What to produce
I would like the entries transcribed word for word, please, with the pictures removed.

Material for this exercise
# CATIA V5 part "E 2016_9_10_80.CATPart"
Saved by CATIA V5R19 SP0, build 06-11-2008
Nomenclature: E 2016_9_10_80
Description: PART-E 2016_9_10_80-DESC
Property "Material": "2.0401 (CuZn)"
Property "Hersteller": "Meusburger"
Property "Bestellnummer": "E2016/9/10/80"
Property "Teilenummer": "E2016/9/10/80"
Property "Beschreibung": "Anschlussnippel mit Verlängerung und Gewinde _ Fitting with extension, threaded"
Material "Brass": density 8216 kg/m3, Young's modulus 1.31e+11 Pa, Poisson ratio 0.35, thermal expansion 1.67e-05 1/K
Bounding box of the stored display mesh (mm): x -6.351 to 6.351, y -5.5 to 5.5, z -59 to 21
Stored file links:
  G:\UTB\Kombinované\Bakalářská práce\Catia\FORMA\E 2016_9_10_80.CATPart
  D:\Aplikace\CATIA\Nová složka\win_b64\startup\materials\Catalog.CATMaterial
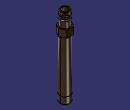
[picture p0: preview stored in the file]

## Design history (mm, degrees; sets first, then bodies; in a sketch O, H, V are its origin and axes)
Body1 "E 2016_9_10_80" (main body)
  Solid1: solid without history

Exercise output
# CATIA V5 part "E 2016_9_10_80.CATPart"
Saved by CATIA V5R19 SP0, build 06-11-2008
Nomenclature: E 2016_9_10_80
Description: PART-E 2016_9_10_80-DESC
Property "Material": "2.0401 (CuZn)"
Property "Hersteller": "Meusburger"
Property "Bestellnummer": "E2016/9/10/80"
Property "Teilenummer": "E2016/9/10/80"
Property "Beschreibung": "Anschlussnippel mit Verlängerung und Gewinde _ Fitting with extension, threaded"
Material "Brass": density 8216 kg/m3, Young's modulus 1.31e+11 Pa, Poisson ratio 0.35, thermal expansion 1.67e-05 1/K
Bounding box of the stored display mesh (mm): x -6.351 to 6.351, y -5.5 to 5.5, z -59 to 21
Stored file links:
  G:\UTB\Kombinované\Bakalářská práce\Catia\FORMA\E 2016_9_10_80.CATPart
  D:\Aplikace\CATIA\Nová složka\win_b64\startup\materials\Catalog.CATMaterial
[picture p0: preview stored in the file]

## Design history (mm, degrees; sets first, then bodies; in a sketch O, H, V are its origin and axes)
Body1 "E 2016_9_10_80" (main body)
  Solid1: solid without history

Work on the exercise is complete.